O MPT diz que, embora os trabalhadores não fossem empregados da Odebrecht, mas de empresas subcontratadas pela construtora – entre as quais a Planusi, a W Líder e a Pirâmide –, a responsabilidade pelas condições na obra era inteiramente da Odebrecht, conforme definido nos contratos entre as companhias.

Tráfico de pessoas
A denúncia lista uma série de ilegalidades que, segundo o MPT, teriam sido cometidas pela Odebrecht no envio dos trabalhadores a Angola. De acordo com o órgão, as empresas subordinadas à companhia recorreram a agenciadores ilegais (“gatos”) para recrutar operários em diferentes regiões do país, especialmente no Nordeste. A prática, diz a denúncia, constitui crime de aliciamento.

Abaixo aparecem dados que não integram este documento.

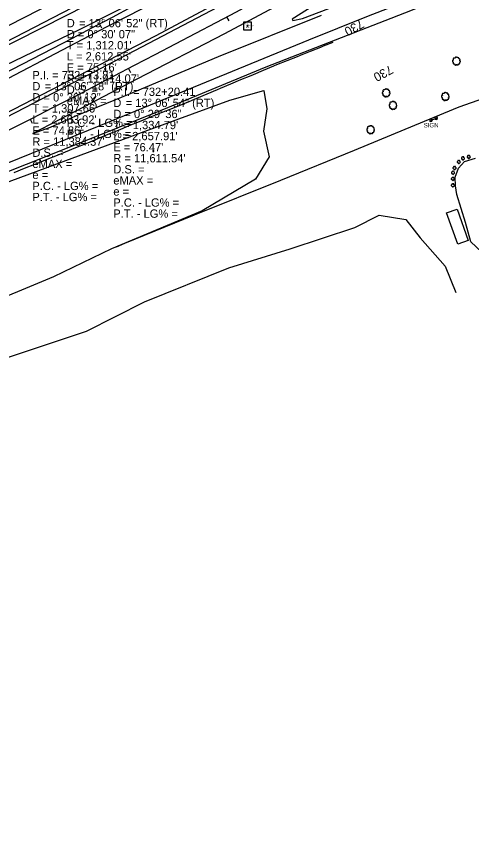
# Model space of a CAD drawing. Extents: x 1901471 to 1963503, y 756461 to 799997.
# Drawn here: x 1910625 to 1911035, y 760274 to 761023 of the extents above; entities that cross this region are included whole.
import ezdxf

# ---------------------------------------------------------------- set-up
doc = ezdxf.new("R2010")
doc.units = 0
for name, color, linetype in [('Default', 7, 'Continuous'), ('RD_DTM_BkLn1', 7, 'Continuous'), ('RD_EX_Bldg', 7, 'Continuous'), ('RD_EX_Conc', 7, 'Continuous'), ('RD_EX_Fence_Other', 7, 'Continuous'), ('RD_EX_H2O', 7, 'Continuous'), ('RD_EX_Road', 7, 'Continuous'), ('RD_EX_Road_txCode', 7, 'Continuous'), ('RD_EX_VEG', 7, 'Continuous'), ('RD_HC_Cl', 7, 'Continuous'), ('RD_HC_Data', 7, 'Continuous'), ('RD_HC_Data_Tic', 7, 'Continuous'), ('RD_HC_Survey', 7, 'Continuous'), ('RD_HC_TX_Sta50', 7, 'Continuous'), ('RD_HC_txCode', 7, 'Continuous'), ('RD_SMD_Locator', 7, 'Continuous')]:
    doc.layers.add(name, color=color, linetype=linetype)

# ---------------------------------------------------------------- blocks, each defined once
blk = doc.blocks.new('T2')
at = {"layer": 'RD_EX_VEG'}
for points in [[(0.05233333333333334, 7.213166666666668), (-0.24750000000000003, 7.238166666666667), (-0.5723333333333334, 7.138166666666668), (-0.8222500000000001, 7.038250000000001), (-1.0471666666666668, 6.963250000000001), (-1.2720833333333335, 6.863250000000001), (-1.5719166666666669, 6.688416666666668), (-1.7968333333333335, 6.488416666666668), (-1.9218333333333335, 6.2385833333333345), (-1.9718333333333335, 6.013666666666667), (-2.0217500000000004, 5.738833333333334), (-2.0217500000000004, 5.563833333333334), (-2.146666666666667, 5.538833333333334), (-2.296666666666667, 5.563833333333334), (-2.5465000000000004, 5.638833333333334), (-2.796416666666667, 5.638833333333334), (-3.0463333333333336, 5.638833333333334), (-3.3961666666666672, 5.613833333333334), (-3.7460000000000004, 5.613833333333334), (-4.020833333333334, 5.563833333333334), (-4.345750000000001, 5.513916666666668), (-4.720583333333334, 5.389000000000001), (-5.0704166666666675, 5.264000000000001), (-5.37025, 5.014083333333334), (-5.620166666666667, 4.539333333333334), (-5.745166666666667, 4.189500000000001), (-5.895083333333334, 3.9395833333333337), (-5.745166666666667, 3.489833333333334), (-5.570166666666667, 3.139916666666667), (-5.545250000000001, 2.9400000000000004), (-5.470250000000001, 2.5152500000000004), (-5.37025, 2.2903333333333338), (-5.245333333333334, 2.0903333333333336), (-5.320250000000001, 2.065416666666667), (-5.695166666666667, 2.015416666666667), (-5.995000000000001, 1.9155000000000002), (-6.419833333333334, 1.6905833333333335), (-6.644750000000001, 1.465666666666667), (-6.744750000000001, 1.1407500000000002), (-6.769666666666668, 0.7909166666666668), (-6.869583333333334, 0.5910833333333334), (-6.944583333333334, 0.3161666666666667), (-6.969583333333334, 0.2411666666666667), (-7.019583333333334, -0.08366666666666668), (-6.9195833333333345, -0.5335000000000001), (-6.894583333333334, -0.8833333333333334), (-6.769666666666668, -1.1082500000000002), (-6.619750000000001, -1.2830833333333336), (-6.444833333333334, -1.5330000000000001), (-6.045000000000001, -1.7579166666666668), (-5.7201666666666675, -1.8579166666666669), (-5.520250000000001, -1.8828333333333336), (-5.695166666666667, -2.382666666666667), (-5.745166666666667, -2.7325000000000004), (-5.870083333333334, -3.132333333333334), (-5.870083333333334, -3.2072500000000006), (-5.920000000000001, -3.682083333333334), (-5.770166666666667, -4.007000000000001), (-5.695166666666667, -4.38175), (-5.520250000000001, -4.606666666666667), (-5.245333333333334, -4.906583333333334), (-4.9205000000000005, -5.131416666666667), (-4.420666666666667, -5.256416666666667), (-4.020833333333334, -5.231416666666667), (-3.4460833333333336, -5.056500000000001), (-3.1962500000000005, -4.9815000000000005), (-3.2212500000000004, -5.156416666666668), (-3.1962500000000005, -5.531333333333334), (-3.1962500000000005, -5.956083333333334), (-3.0463333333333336, -6.280916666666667), (-2.946333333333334, -6.555833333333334), (-2.796416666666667, -6.805750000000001), (-2.4715000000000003, -7.030583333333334), (-2.07175, -7.1055833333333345), (-1.6469166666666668, -7.2555000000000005), (-1.1970833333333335, -7.330500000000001), (-0.6973333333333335, -7.355500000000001), (-0.09758333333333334, -7.205583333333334), (0.17725000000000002, -7.080583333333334), (0.27725000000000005, -6.905666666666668), (0.47716666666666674, -6.530833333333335), (0.4271666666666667, -6.3059166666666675), (0.4521666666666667, -5.706166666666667), (0.5520833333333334, -5.881166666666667), (0.7270833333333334, -6.231000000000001), (1.2268333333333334, -6.530833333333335), (1.626666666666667, -6.705750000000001), (2.101416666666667, -6.8557500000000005), (2.4013333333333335, -6.930666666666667), (2.8760833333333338, -6.8557500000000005), (3.2510000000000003, -6.780750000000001), (3.6257500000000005, -6.655750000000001), (3.9256666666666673, -6.380916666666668), (4.100583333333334, -6.106000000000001), (4.1505833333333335, -5.831166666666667), (4.2255, -5.456333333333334), (4.275500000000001, -5.281416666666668)], [(4.275500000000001, -5.281416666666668), (4.200583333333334, -5.106416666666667), (4.1505833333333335, -4.856583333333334), (4.2255, -4.881583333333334), (4.4004166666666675, -4.931583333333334), (4.675333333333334, -5.056500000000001), (4.900250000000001, -5.131416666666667), (5.225083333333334, -5.106416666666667), (5.500000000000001, -5.006500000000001), (5.949750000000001, -4.731583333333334), (6.224666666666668, -4.256833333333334), (6.499500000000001, -3.8570000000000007), (6.5745000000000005, -3.5321666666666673), (6.524500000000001, -3.3072500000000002), (6.499500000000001, -2.8075000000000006), (6.299583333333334, -2.5575833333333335), (6.249583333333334, -2.432666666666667), (6.1496666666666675, -2.0328333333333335), (6.224666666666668, -1.9828333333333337), (6.499500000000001, -1.9328333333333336), (6.874333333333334, -1.8079166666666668), (7.149250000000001, -1.6830000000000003), (7.374166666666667, -1.5080000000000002), (7.449083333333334, -1.2830833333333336), (7.424166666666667, -0.8833333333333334), (7.4740833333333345, -0.48350000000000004), (7.399166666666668, -0.3335), (7.299166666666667, -0.1836666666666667), (7.224166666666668, 0.016333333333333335), (7.074250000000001, 0.16616666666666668), (6.974333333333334, 0.3161666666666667), (6.874333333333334, 0.41608333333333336), (6.749416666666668, 0.5660833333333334), (6.5745000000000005, 0.6910000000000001), (6.424583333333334, 0.7410000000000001), (6.374583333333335, 0.8909166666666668), (6.524500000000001, 1.0908333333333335), (6.5745000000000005, 1.1907500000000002), (6.599416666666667, 1.4156666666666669), (6.824416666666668, 1.7655000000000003), (6.874333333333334, 2.1653333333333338), (6.824416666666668, 2.590166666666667), (6.774416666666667, 2.8650833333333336), (6.624416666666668, 3.139916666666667), (6.424583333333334, 3.3898333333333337), (6.299583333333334, 3.5647500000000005), (6.124666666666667, 3.689666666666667), (5.799833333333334, 3.814666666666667), (5.549916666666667, 3.864583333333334), (5.200083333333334, 3.864583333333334), (5.000166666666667, 3.9145833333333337), (5.025166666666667, 3.964583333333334), (5.025166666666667, 4.1145000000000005), (5.025166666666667, 4.389416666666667), (4.950166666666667, 4.839166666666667), (4.800250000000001, 5.339), (4.800250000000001, 5.364000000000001), (4.7002500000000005, 5.613833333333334), (4.475416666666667, 5.813750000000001), (4.3005, 5.913666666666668), (4.100583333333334, 6.038666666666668), (3.850666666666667, 6.063666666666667), (3.5508333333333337, 6.063666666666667), (3.2759166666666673, 6.013666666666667), (3.0760000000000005, 5.913666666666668), (2.9010833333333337, 5.788750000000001), (2.8260833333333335, 5.938666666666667), (2.726166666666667, 6.2385833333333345), (2.676166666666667, 6.3885000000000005), (2.52625, 6.563416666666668), (2.301416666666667, 6.7633333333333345), (1.8515000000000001, 6.888250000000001), (1.2268333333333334, 6.813333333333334), (0.9269166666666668, 6.613416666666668), (0.7770000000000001, 6.438500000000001), (0.7270833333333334, 6.563416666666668), (0.5270833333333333, 6.7633333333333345), (0.4271666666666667, 6.938250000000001), (0.25225000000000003, 7.063250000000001), (0.10233333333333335, 7.163166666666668), (0.0023333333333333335, 7.213166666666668)]]:
    blk.add_spline(points, degree=3, dxfattribs=at)
blk = doc.blocks.new('SB2')
at = {"layer": 'RD_EX_VEG'}
for centre, radius, start, end in [((-1.563757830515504, -0.1555935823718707), 1.256970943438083, 96.45178611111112, 294.73400833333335), ((-0.7210660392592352, 1.5471418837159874), 1.0835094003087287, 34.97628888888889, 204.7560222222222), ((1.0452472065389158, 1.7020636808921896), 0.9945285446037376, 308.76261111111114, 152.04674444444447), ((1.8396429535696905, -0.2793298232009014), 1.2180790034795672, 256.56668055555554, 98.10463055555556), ((0.2455500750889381, -1.5963122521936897), 1.3177675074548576, 166.88265555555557, 5.758930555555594)]:
    blk.add_arc(centre, radius, start, end, dxfattribs=at)
blk = doc.blocks.new('SIGNPOST')
at = {"layer": 'Default'}
for centre, start, end in [((7.776250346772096e-18, 0), 90.00000000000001, 270), ((-7.776250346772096e-18, 0), 270, 90)]:
    blk.add_arc(centre, 0.12700000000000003, start, end, dxfattribs=at)

msp = doc.modelspace()

# ---------------------------------------------------------------- linework, layer by layer
at = {"layer": 'Default'}
for p, q in [((1910704.7770000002, 760975.9843000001), (1910704.7770000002, 760974.2343000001)), ((1910705.6520000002, 760975.1093000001), (1910703.9020000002, 760975.1093000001)), ((1910674.5337000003, 760917.9531000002), (1910672.7837000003, 760917.9531000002)), ((1910673.6587000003, 760918.8281000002), (1910673.6587000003, 760917.0781000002)), ((1910748.9604000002, 760901.2138000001), (1910747.2104000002, 760901.2138000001)), ((1910748.0854000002, 760902.0888000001), (1910748.0854000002, 760900.3388000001))]:
    msp.add_line(p, q, dxfattribs=at)
at = {"layer": 'RD_DTM_BkLn1'}
msp.add_lwpolyline([(1910622.6313006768, 760881.9708389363), (1910631.922190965, 760885.6664134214), (1910641.2130812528, 760889.3619879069), (1910643.064136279, 760890.0982695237), (1910652.3296787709, 760893.8574605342), (1910661.5952212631, 760897.6166515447), (1910668.9848766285, 760900.6147626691), (1910678.2430306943, 760904.3939292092), (1910687.5011847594, 760908.173095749), (1910696.7593388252, 760911.9522622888), (1910698.0908794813, 760912.4957954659), (1910707.3210735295, 760916.3411197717), (1910716.5512675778, 760920.1864440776), (1910725.781461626, 760924.0317683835), (1910726.3550362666, 760924.270721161), (1910735.633826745, 760927.9940825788), (1910744.9126172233, 760931.7174439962), (1910750.0804685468, 760933.7911817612), (1910759.3518262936, 760937.5329661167), (1910768.6231840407, 760941.2747504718), (1910777.8945417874, 760945.0165348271), (1910778.174266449, 760945.1294276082), (1910787.3955065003, 760948.9938692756), (1910796.6167465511, 760952.8583109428), (1910805.8379866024, 760956.72275261), (1910808.6637450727, 760957.906972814), (1910817.8753922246, 760961.7951290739), (1910827.087039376, 760965.6832853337), (1910836.2986865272, 760969.5714415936), (1910838.3418913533, 760970.4338606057), (1910847.5396088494, 760974.354475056), (1910856.7373263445, 760978.2750895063), (1910859.4643495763, 760979.4375090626), (1910868.782821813, 760983.0639470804), (1910878.1012940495, 760986.6903850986), (1910880.7117837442, 760987.7063004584), (1910889.9869461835, 760991.4417091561), (1910899.262108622, 760995.1771178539), (1910901.739897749, 760996.1750038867), (1910910.361455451, 760999.3981055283)], dxfattribs=at)
at = {"layer": 'RD_EX_Bldg'}
msp.add_lwpolyline([(1910998.4000000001, 760929.1900000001), (1911004.5700000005, 760931.3600000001)], dxfattribs=at)
at = {"layer": 'RD_EX_Conc'}
msp.add_lwpolyline([(1911022.6600000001, 760817.2200000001), (1911012.6700000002, 760845.4000000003), (1911022.0300000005, 760848.7200000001), (1911032.0200000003, 760820.5300000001)], close=True, dxfattribs=at)
at = {"layer": 'RD_EX_Fence_Other'}
for points in [[(1910580.8800000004, 760962.4200000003), (1910681.6500000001, 761011.1200000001), (1910824.1700000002, 761083.3400000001), (1910922.5400000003, 761136.0100000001), (1911091.9300000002, 761226.7000000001), (1911190.0700000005, 761280.4500000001), (1911287.4800000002, 761335.9900000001), (1911356.1000000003, 761375.9400000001), (1911439.3500000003, 761425.0100000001), (1911494.0600000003, 761458.0000000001), (1911589.0700000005, 761516.1800000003), (1911670.89, 761566.9300000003), (1911753.1900000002, 761616.7100000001), (1911806.6900000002, 761651.1400000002), (1911873.1500000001, 761696.0100000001), (1911887.0700000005, 761707.4100000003), (1911902.9000000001, 761720.8400000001)], [(1910714.7600000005, 760814.7800000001), (1910722.4100000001, 760818.1800000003), (1910785.1700000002, 760843.5400000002), (1910863.0500000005, 760874.82), (1910929.5100000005, 760902.1100000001), (1910983.9100000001, 760924.5000000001), (1911023.9700000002, 760941.0200000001), (1911091.6600000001, 760964.81), (1911105.1200000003, 760968.7500000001), (1911126.4600000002, 760976.6200000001), (1911147.9800000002, 760983.0900000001), (1911206.5700000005, 760997.7800000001), (1911243.1300000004, 761005.9200000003), (1911277.9400000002, 761012.9100000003), (1911301.9000000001, 761016.7600000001), (1911361.1900000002, 761026.56)], [(1911049.3800000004, 760805.1900000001), (1911034.4300000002, 760819.2000000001), (1911029.5500000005, 760836.83), (1911021.8300000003, 760862.0200000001), (1911020.7300000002, 760869.8900000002), (1911020.4200000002, 760877.6000000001), (1911023.2500000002, 760885.6300000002), (1911028.9200000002, 760891.7700000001), (1911038.6800000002, 760894.7600000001)]]:
    msp.add_lwpolyline(points, dxfattribs=at)
at = {"layer": 'RD_EX_H2O'}
msp.add_lwpolyline([(1909887.3000000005, 760625.4900000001), (1909934.2500000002, 760644.2800000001), (1910017.4500000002, 760680.8900000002), (1910099.7900000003, 760717.7600000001), (1910182.8200000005, 760756.1200000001), (1910236.6900000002, 760780.7800000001), (1910299.4900000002, 760809.82), (1910379.1900000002, 760848.3500000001), (1910428.0700000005, 760871.7000000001), (1910474.6600000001, 760894.6400000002), (1910580.3500000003, 760947.83), (1910696.5500000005, 761008.4900000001), (1910820.6200000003, 761072.3), (1910918.7000000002, 761126.2600000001), (1910925.4000000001, 761129.6100000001)], dxfattribs=at)
at = {"layer": 'RD_EX_Road'}
for points in [[(1910555.9700000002, 760966.08), (1910670.1800000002, 761023.8400000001), (1910732.0500000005, 761055.7700000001), (1910873.2500000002, 761130.9700000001), (1911013.1300000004, 761208.81), (1911171.1100000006, 761300.4700000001), (1911315.5900000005, 761384.8900000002), (1911418.2800000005, 761447.5900000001), (1911490.6900000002, 761492.6800000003), (1911567.3700000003, 761541.8800000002), (1911693.4300000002, 761624.33), (1911806.9700000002, 761700.8500000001), (1911899.7900000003, 761762.4000000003), (1911913.9200000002, 761772.8600000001), (1911956.0900000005, 761800.7400000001), (1911999.2000000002, 761829.9900000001)], [(1910580.0600000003, 760981.9200000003), (1910675.3100000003, 761030.7600000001), (1910773.4900000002, 761082.4000000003), (1910822.5800000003, 761108.6700000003), (1910885.9600000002, 761143.0300000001), (1910949.0700000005, 761177.6500000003), (1911003.9000000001, 761208.57), (1911064.7300000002, 761242.9300000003), (1911147.8600000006, 761291.2600000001), (1911222.0700000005, 761334.9300000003), (1911278.8100000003, 761368.4000000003), (1911332.8800000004, 761400.8500000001), (1911389.7500000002, 761435.3500000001), (1911475.1800000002, 761488.1300000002), (1911593.1200000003, 761563.1100000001), (1911672.9500000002, 761615.9000000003), (1911716.8100000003, 761645.5400000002), (1911779.8000000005, 761687.9400000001), (1911835.9000000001, 761725.3700000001), (1911887.8000000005, 761759.8600000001), (1911937.9100000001, 761793.33), (1911981.0100000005, 761822.4600000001), (1911998.6300000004, 761834.4100000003)], [(1910605.0100000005, 760930.3700000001), (1910750.1600000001, 761005.4100000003), (1910935.4500000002, 761104.6400000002), (1911040.1100000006, 761163.3900000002), (1911146.4200000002, 761223.7800000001), (1911234.6300000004, 761274.9600000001), (1911353.7700000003, 761346.3800000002), (1911491.3400000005, 761430.8), (1911642.0800000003, 761526.4100000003), (1911754.64, 761601.2900000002), (1911848.4400000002, 761663.33), (1911899.7900000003, 761698.2200000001), (1911993.7900000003, 761761.3900000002), (1912007.0300000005, 761770.2900000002)], [(1910589.3400000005, 760918.2400000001), (1910700.4300000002, 760975.7100000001), (1910824.9500000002, 761041.33), (1910949.7100000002, 761108.6300000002), (1911067.5200000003, 761174.7300000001), (1911186.5300000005, 761242.7500000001), (1911299.7700000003, 761309.2100000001), (1911392.1500000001, 761365.3600000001), (1911489.0800000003, 761425.2200000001), (1911580.9700000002, 761483.4000000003), (1911680.7900000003, 761547.5900000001), (1911813.4700000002, 761635.6400000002), (1911899.7800000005, 761693.1700000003), (1911931.1500000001, 761714.4000000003), (1911978.2000000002, 761746.0200000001), (1912007.6200000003, 761765.9400000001)], [(1910585.7400000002, 760878.06), (1910710.5000000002, 760928.56), (1910888.2900000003, 761001.6200000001), (1910940.6000000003, 761022.7400000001), (1910979.4700000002, 761037.9700000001), (1911045.6900000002, 761063.8800000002), (1911129.1800000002, 761091.6000000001), (1911194.2000000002, 761107.9100000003), (1911276.0200000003, 761125.07), (1911337.2000000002, 761133.4600000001), (1911445.1700000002, 761144.3800000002), (1911566.3400000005, 761156.2600000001), (1911684.3800000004, 761167.8900000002), (1911741.9700000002, 761173.4100000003), (1911807.2300000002, 761177.7300000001), (1911899.39, 761184.4200000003), (1911950.14, 761188.5300000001), (1911980.8000000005, 761190.4700000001), (1911998.7200000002, 761190.6900000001), (1912012.5400000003, 761189.3900000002), (1912024.6300000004, 761186.8)], [(1911898.8000000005, 761179.0200000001), (1911785.9100000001, 761169.1500000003), (1911700.3400000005, 761161.58), (1911583.1700000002, 761149.7300000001), (1911418.2800000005, 761134.1000000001), (1911324.1500000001, 761123.7300000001), (1911252.4000000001, 761112.2100000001), (1911180.9800000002, 761095.7500000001), (1911047.6800000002, 761055.4400000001), (1910980.2100000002, 761027.7900000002), (1910849.6300000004, 760977.0200000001), (1910755.8200000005, 760938.1500000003), (1910677.8100000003, 760906.7700000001), (1910499.5700000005, 760835.6900000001), (1910338.5000000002, 760760.5400000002), (1910201.4000000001, 760696.8700000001), (1909857.8700000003, 760545.9200000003), (1909713.0200000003, 760487.06), (1909551.9400000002, 760422.8900000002), (1909472.4100000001, 760392.4500000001), (1909224.6300000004, 760297.56), (1909135.3400000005, 760263.3900000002), (1909100.5900000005, 760249.4700000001)], [(1910901.2500000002, 761054.8900000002), (1910812.2300000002, 761007.1400000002), (1910733.3000000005, 760965.9900000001), (1910685.7900000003, 760941.1600000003), (1910639.4800000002, 760916.9300000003), (1910655.3200000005, 760922.9200000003), (1910678.1100000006, 760933.0000000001), (1910725.8600000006, 760952.4400000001), (1910806.9500000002, 760986.5100000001), (1910899.8100000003, 761023.81)], [(1910929.5300000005, 761056.2600000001), (1910873.2500000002, 761020.3800000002), (1910873.9100000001, 761019.07), (1910882.7900000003, 761021.0400000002), (1910921.3000000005, 761035.5200000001)]]:
    msp.add_lwpolyline(points, dxfattribs=at)
at = {"layer": 'RD_EX_VEG'}
for points in [[(1910612.2500000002, 760871.6100000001), (1910737.5100000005, 760918.0900000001), (1910817.0800000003, 760947.2400000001), (1910847.8000000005, 760955.9000000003), (1910850.5600000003, 760939.3600000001), (1910847.4000000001, 760919.2700000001), (1910852.5300000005, 760896.0300000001), (1910840.3100000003, 760875.9400000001), (1910792.2600000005, 760847.1900000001), (1910710.3300000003, 760812.9200000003), (1910657.9400000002, 760787.5200000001), (1910587.8300000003, 760758.3700000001)], [(1910147.2500000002, 760468.4600000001), (1910143.6300000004, 760484.7700000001), (1910152.9900000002, 760504.2200000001), (1910276.9100000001, 760568.3400000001), (1910398.6600000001, 760628.8600000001), (1910500.2400000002, 760676.4100000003), (1910606.3400000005, 760711.4900000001), (1910687.8800000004, 760738.6700000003), (1910740.2700000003, 760765.06), (1910816.2900000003, 760795.7900000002), (1910871.4300000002, 760812.9200000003), (1910929.7300000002, 760832.2200000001), (1910951.7900000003, 760843.2500000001), (1910975.8100000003, 760839.31), (1910988.8100000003, 760822.7700000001), (1911011.2600000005, 760797.1700000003), (1911020.9400000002, 760773.5400000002)]]:
    msp.add_lwpolyline(points, dxfattribs=at)
at = {"layer": 'RD_HC_Cl'}
for centre, radius, start, end in [((1905408.2458716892, 771170.6492824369), 11414.0664, 290.894469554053, 304.0088245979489), ((1905390.191717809, 771086.470862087), 11384.366000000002, 290.90340658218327, 304.0085286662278), ((1905358.488046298, 771272.4106571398), 11611.5386, 290.90197060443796, 304.0171003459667)]:
    msp.add_arc(centre, radius, start, end, dxfattribs=at)
at = {"layer": 'RD_HC_Data_Tic'}
for p, q in [((1910814.2337787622, 761022.4025028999), (1910816.11320092, 761018.8715296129)), ((1910699.4848115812, 761015.9596503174), (1910701.3502797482, 761012.421285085)), ((1910725.7582163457, 760975.7976421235), (1910727.6071600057, 760972.2506141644)), ((1910636.8845731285, 760929.956462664), (1910638.7029011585, 760926.3936431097))]:
    msp.add_line(p, q, dxfattribs=at)
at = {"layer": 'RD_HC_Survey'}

Após o recrutamento, segundo a denúncia, ocorria outra irregularidade: em vez de solicitar à embaixada de Angola vistos de trabalho aos operários, a Odebrecht pedia vistos ordinários, que não dão o direito de trabalhar.

Para obter os vistos, segundo o MPT, a Odebrecht “desavergonhadamente mentiu à embaixada de Angola”, dizendo que os operários viajariam ao país para “tratar de negócios” e permaneceriam ali menos de 30 dias (limite de estadia do visto ordinário). No entanto, diz a Procuradoria, as passagens aéreas compradas pela Odebrecht previam a volta dos trabalhadores em prazos bem superiores a 30 dias.

Segundo o MPT, a empresa recorreu ao esquema para “contar com trabalhadores precários e inteiramente submetidos a seu jugo, incapazes de reagir ou de reclamar das condições suportadas, impossibilitados de procurar outro emprego, e que sequer pudessem sair do canteiro de obras”.

A prática, segundo o MPT, sujeitou os trabalhadores a graves riscos em Angola, inclusive o de prisão, e violou tratados internacionais contra o tráfico humano.

Ratificado pelo Brasil em 2004, o Protocolo de Palermo engloba, entre as definições para a atividade de tráfico, o recrutamento e transporte de pessoas mediante fraude ou engano para fins de exploração em “práticas similares à escravatura”.

Dinheiro público
Segundo a investigação do MPT, contratos celebrados entre a Odebrecht e suas subordinadas na obra mencionam que haveria empréstimos do BNDES (Banco Nacional do Desenvolvimento Econômico e Social) à construção. O BNDES, porém, disse à BBC Brasil que jamais financiou a obra.

Em junho de 2012, o Ministério do Desenvolvimento e Comércio Exterior decretou sigilo sobre todas as operações de crédito do BNDES a Angola e Cuba.

Entre 2006 e 2012, quando os dados ainda eram públicos, o BNDES destinou US$ 3,2 bilhões (R$ 7,2 bilhões) a obras de empresas brasileiras em Angola. A Odebrecht, maior construtora brasileira e maior empregadora privada de Angola, onde opera desde 1984, abocanhou a metade desses financiamentos.

‘Círculo íntimo’
Primeira indústria de açúcar, eletricidade e etanol de Angola, a Biocom é uma sociedade entre a Odebrecht, a estatal angolana Sonangol e a empresa Cochan. Segundo o jornal português Público, o dono da Cochan é o general angolano Leopoldino Fragoso do Nascimento, um dos homens mais próximos do presidente angolano, José Eduardo dos Santos, no poder desde 1979.

A usina, que custou cerca de R$ 1 bilhão, deve ser inaugurada até o fim deste ano.

Embora a Biocom tenha sócios angolanos, o MPT diz que, desde 2012, a Odebrecht tornou-se sócia majoritária da usina e “passou a administrá-la como dona”. Segundo o órgão, ao se associar à Cochan, a Odebrecht buscou contemplar o “círculo íntimo” do presidente angolano no empreendimento e mascarar que a usina, anunciada à população local como angolana, é na verdade brasileira.

Como punição pelos atos, a Procuradoria pede que a Odebrecht seja multada caso mantenha práticas ilícitas, indenize os trabalhadores afetados em R$ 500 milhões e deixe de receber empréstimos de bancos públicos. A ação pede ainda que a companhia pague multa no valor de 0,1% a 20% do seu faturamento anual.

Segundo o MPT, o caso requer “uma punição absolutamente exemplar”, para que a companhia não se sinta encorajada “a repetir as mesmas condutas no futuro”.